**EXERCISE:**
A word-for-word repetition of all the entries is needed.

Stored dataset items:
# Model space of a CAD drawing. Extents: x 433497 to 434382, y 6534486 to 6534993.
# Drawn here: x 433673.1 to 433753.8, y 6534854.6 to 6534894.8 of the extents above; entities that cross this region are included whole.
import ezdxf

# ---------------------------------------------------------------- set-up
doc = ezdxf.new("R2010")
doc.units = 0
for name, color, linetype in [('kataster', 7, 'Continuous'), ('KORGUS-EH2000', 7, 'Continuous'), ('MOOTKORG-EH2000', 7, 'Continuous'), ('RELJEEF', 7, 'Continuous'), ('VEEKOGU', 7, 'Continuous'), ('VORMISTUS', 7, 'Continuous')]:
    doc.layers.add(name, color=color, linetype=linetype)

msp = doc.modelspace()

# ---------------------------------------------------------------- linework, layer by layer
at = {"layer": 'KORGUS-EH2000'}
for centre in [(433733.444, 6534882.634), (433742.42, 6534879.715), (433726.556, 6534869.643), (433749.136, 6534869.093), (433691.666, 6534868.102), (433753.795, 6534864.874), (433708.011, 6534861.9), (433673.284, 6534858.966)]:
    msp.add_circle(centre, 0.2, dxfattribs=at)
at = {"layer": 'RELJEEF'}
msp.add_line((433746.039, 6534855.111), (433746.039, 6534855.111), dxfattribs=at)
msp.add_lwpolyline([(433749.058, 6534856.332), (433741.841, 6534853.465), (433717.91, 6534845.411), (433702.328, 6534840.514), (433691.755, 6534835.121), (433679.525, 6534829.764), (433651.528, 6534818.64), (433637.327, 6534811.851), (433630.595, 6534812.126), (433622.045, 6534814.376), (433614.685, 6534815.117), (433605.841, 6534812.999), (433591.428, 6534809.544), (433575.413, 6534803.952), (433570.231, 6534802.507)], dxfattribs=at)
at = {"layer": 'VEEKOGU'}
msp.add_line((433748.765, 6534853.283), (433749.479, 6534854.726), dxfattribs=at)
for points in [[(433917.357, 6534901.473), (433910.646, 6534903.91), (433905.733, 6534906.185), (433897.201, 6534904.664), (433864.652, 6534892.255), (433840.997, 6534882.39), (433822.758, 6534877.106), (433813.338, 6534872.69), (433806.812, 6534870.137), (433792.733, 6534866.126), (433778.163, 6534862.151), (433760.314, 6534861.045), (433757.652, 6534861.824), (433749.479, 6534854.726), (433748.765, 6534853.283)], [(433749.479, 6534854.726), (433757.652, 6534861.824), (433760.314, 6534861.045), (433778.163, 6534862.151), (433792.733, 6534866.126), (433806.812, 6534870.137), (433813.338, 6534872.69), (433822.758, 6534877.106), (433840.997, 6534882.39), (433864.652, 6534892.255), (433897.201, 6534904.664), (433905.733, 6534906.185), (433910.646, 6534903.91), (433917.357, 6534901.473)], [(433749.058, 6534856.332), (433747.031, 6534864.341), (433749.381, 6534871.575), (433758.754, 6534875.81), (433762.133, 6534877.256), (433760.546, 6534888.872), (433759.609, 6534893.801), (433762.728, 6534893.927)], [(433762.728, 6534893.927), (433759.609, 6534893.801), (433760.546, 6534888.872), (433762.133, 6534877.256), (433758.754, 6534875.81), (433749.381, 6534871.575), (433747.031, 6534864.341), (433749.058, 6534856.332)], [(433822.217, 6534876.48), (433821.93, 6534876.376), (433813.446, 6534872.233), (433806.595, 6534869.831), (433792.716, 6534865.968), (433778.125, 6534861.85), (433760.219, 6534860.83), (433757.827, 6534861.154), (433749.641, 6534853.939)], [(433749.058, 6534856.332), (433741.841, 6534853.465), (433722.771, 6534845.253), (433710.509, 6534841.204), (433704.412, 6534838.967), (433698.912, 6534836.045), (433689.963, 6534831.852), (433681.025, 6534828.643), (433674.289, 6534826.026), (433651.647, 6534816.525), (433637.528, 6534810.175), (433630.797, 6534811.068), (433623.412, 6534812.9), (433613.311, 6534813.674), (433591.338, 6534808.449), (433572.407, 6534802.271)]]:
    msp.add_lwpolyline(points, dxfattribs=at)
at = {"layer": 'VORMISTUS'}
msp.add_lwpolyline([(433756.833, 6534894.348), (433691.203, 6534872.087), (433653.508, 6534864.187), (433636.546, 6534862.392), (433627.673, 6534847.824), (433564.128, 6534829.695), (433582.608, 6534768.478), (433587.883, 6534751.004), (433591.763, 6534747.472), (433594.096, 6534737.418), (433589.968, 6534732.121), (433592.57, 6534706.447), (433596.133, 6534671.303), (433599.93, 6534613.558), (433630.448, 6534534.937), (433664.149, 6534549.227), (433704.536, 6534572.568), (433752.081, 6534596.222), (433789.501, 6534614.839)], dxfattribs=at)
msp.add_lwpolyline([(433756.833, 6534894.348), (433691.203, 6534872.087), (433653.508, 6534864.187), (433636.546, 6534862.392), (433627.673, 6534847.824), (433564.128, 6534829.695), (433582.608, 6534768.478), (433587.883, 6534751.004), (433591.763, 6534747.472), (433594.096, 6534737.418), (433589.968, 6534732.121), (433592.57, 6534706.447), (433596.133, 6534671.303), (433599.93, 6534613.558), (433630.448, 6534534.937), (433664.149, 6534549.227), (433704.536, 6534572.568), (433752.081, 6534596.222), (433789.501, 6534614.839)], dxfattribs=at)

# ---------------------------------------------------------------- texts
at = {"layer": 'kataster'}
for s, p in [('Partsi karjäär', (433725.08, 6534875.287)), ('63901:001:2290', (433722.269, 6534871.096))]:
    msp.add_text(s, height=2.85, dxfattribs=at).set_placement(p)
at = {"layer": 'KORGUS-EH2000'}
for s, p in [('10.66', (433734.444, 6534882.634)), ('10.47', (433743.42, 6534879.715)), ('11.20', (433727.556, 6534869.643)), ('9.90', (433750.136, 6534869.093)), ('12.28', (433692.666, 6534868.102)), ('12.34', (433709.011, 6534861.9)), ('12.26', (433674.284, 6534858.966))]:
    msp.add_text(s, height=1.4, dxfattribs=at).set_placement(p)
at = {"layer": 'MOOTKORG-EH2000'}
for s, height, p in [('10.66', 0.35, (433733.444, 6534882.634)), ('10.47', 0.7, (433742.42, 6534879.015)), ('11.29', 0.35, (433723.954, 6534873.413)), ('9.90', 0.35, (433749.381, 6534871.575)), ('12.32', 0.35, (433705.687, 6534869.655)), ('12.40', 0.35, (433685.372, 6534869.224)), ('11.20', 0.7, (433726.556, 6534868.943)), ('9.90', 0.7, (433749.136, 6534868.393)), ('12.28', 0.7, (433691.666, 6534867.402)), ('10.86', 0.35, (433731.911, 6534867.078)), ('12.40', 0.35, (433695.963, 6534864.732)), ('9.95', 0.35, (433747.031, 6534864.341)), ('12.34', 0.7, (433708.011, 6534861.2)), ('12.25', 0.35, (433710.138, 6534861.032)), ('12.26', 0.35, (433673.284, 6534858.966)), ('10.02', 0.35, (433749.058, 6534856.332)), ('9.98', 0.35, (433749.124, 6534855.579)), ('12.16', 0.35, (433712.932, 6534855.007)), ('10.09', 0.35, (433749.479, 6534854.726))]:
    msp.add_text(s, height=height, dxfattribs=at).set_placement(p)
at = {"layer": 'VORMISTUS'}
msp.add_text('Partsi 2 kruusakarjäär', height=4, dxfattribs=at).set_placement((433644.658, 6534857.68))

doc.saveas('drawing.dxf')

**ANSWER:**
# Model space of a CAD drawing. Extents: x 433497 to 434382, y 6534486 to 6534993.
# Drawn here: x 433673.1 to 433753.8, y 6534854.6 to 6534894.8 of the extents above; entities that cross this region are included whole.
import ezdxf

# ---------------------------------------------------------------- set-up
doc = ezdxf.new("R2010")
doc.units = 0
for name, color, linetype in [('kataster', 7, 'Continuous'), ('KORGUS-EH2000', 7, 'Continuous'), ('MOOTKORG-EH2000', 7, 'Continuous'), ('RELJEEF', 7, 'Continuous'), ('VEEKOGU', 7, 'Continuous'), ('VORMISTUS', 7, 'Continuous')]:
    doc.layers.add(name, color=color, linetype=linetype)

msp = doc.modelspace()

# ---------------------------------------------------------------- linework, layer by layer
at = {"layer": 'KORGUS-EH2000'}
for centre in [(433733.444, 6534882.634), (433742.42, 6534879.715), (433726.556, 6534869.643), (433749.136, 6534869.093), (433691.666, 6534868.102), (433753.795, 6534864.874), (433708.011, 6534861.9), (433673.284, 6534858.966)]:
    msp.add_circle(centre, 0.2, dxfattribs=at)
at = {"layer": 'RELJEEF'}
msp.add_line((433746.039, 6534855.111), (433746.039, 6534855.111), dxfattribs=at)
msp.add_lwpolyline([(433749.058, 6534856.332), (433741.841, 6534853.465), (433717.91, 6534845.411), (433702.328, 6534840.514), (433691.755, 6534835.121), (433679.525, 6534829.764), (433651.528, 6534818.64), (433637.327, 6534811.851), (433630.595, 6534812.126), (433622.045, 6534814.376), (433614.685, 6534815.117), (433605.841, 6534812.999), (433591.428, 6534809.544), (433575.413, 6534803.952), (433570.231, 6534802.507)], dxfattribs=at)
at = {"layer": 'VEEKOGU'}
msp.add_line((433748.765, 6534853.283), (433749.479, 6534854.726), dxfattribs=at)
for points in [[(433917.357, 6534901.473), (433910.646, 6534903.91), (433905.733, 6534906.185), (433897.201, 6534904.664), (433864.652, 6534892.255), (433840.997, 6534882.39), (433822.758, 6534877.106), (433813.338, 6534872.69), (433806.812, 6534870.137), (433792.733, 6534866.126), (433778.163, 6534862.151), (433760.314, 6534861.045), (433757.652, 6534861.824), (433749.479, 6534854.726), (433748.765, 6534853.283)], [(433749.479, 6534854.726), (433757.652, 6534861.824), (433760.314, 6534861.045), (433778.163, 6534862.151), (433792.733, 6534866.126), (433806.812, 6534870.137), (433813.338, 6534872.69), (433822.758, 6534877.106), (433840.997, 6534882.39), (433864.652, 6534892.255), (433897.201, 6534904.664), (433905.733, 6534906.185), (433910.646, 6534903.91), (433917.357, 6534901.473)], [(433749.058, 6534856.332), (433747.031, 6534864.341), (433749.381, 6534871.575), (433758.754, 6534875.81), (433762.133, 6534877.256), (433760.546, 6534888.872), (433759.609, 6534893.801), (433762.728, 6534893.927)], [(433762.728, 6534893.927), (433759.609, 6534893.801), (433760.546, 6534888.872), (433762.133, 6534877.256), (433758.754, 6534875.81), (433749.381, 6534871.575), (433747.031, 6534864.341), (433749.058, 6534856.332)], [(433822.217, 6534876.48), (433821.93, 6534876.376), (433813.446, 6534872.233), (433806.595, 6534869.831), (433792.716, 6534865.968), (433778.125, 6534861.85), (433760.219, 6534860.83), (433757.827, 6534861.154), (433749.641, 6534853.939)], [(433749.058, 6534856.332), (433741.841, 6534853.465), (433722.771, 6534845.253), (433710.509, 6534841.204), (433704.412, 6534838.967), (433698.912, 6534836.045), (433689.963, 6534831.852), (433681.025, 6534828.643), (433674.289, 6534826.026), (433651.647, 6534816.525), (433637.528, 6534810.175), (433630.797, 6534811.068), (433623.412, 6534812.9), (433613.311, 6534813.674), (433591.338, 6534808.449), (433572.407, 6534802.271)]]:
    msp.add_lwpolyline(points, dxfattribs=at)
at = {"layer": 'VORMISTUS'}
msp.add_lwpolyline([(433756.833, 6534894.348), (433691.203, 6534872.087), (433653.508, 6534864.187), (433636.546, 6534862.392), (433627.673, 6534847.824), (433564.128, 6534829.695), (433582.608, 6534768.478), (433587.883, 6534751.004), (433591.763, 6534747.472), (433594.096, 6534737.418), (433589.968, 6534732.121), (433592.57, 6534706.447), (433596.133, 6534671.303), (433599.93, 6534613.558), (433630.448, 6534534.937), (433664.149, 6534549.227), (433704.536, 6534572.568), (433752.081, 6534596.222), (433789.501, 6534614.839)], dxfattribs=at)
msp.add_lwpolyline([(433756.833, 6534894.348), (433691.203, 6534872.087), (433653.508, 6534864.187), (433636.546, 6534862.392), (433627.673, 6534847.824), (433564.128, 6534829.695), (433582.608, 6534768.478), (433587.883, 6534751.004), (433591.763, 6534747.472), (433594.096, 6534737.418), (433589.968, 6534732.121), (433592.57, 6534706.447), (433596.133, 6534671.303), (433599.93, 6534613.558), (433630.448, 6534534.937), (433664.149, 6534549.227), (433704.536, 6534572.568), (433752.081, 6534596.222), (433789.501, 6534614.839)], dxfattribs=at)

# ---------------------------------------------------------------- texts
at = {"layer": 'kataster'}
for s, p in [('Partsi karjäär', (433725.08, 6534875.287)), ('63901:001:2290', (433722.269, 6534871.096))]:
    msp.add_text(s, height=2.85, dxfattribs=at).set_placement(p)
at = {"layer": 'KORGUS-EH2000'}
for s, p in [('10.66', (433734.444, 6534882.634)), ('10.47', (433743.42, 6534879.715)), ('11.20', (433727.556, 6534869.643)), ('9.90', (433750.136, 6534869.093)), ('12.28', (433692.666, 6534868.102)), ('12.34', (433709.011, 6534861.9)), ('12.26', (433674.284, 6534858.966))]:
    msp.add_text(s, height=1.4, dxfattribs=at).set_placement(p)
at = {"layer": 'MOOTKORG-EH2000'}
for s, height, p in [('10.66', 0.35, (433733.444, 6534882.634)), ('10.47', 0.7, (433742.42, 6534879.015)), ('11.29', 0.35, (433723.954, 6534873.413)), ('9.90', 0.35, (433749.381, 6534871.575)), ('12.32', 0.35, (433705.687, 6534869.655)), ('12.40', 0.35, (433685.372, 6534869.224)), ('11.20', 0.7, (433726.556, 6534868.943)), ('9.90', 0.7, (433749.136, 6534868.393)), ('12.28', 0.7, (433691.666, 6534867.402)), ('10.86', 0.35, (433731.911, 6534867.078)), ('12.40', 0.35, (433695.963, 6534864.732)), ('9.95', 0.35, (433747.031, 6534864.341)), ('12.34', 0.7, (433708.011, 6534861.2)), ('12.25', 0.35, (433710.138, 6534861.032)), ('12.26', 0.35, (433673.284, 6534858.966)), ('10.02', 0.35, (433749.058, 6534856.332)), ('9.98', 0.35, (433749.124, 6534855.579)), ('12.16', 0.35, (433712.932, 6534855.007)), ('10.09', 0.35, (433749.479, 6534854.726))]:
    msp.add_text(s, height=height, dxfattribs=at).set_placement(p)
at = {"layer": 'VORMISTUS'}
msp.add_text('Partsi 2 kruusakarjäär', height=4, dxfattribs=at).set_placement((433644.658, 6534857.68))

doc.saveas('drawing.dxf')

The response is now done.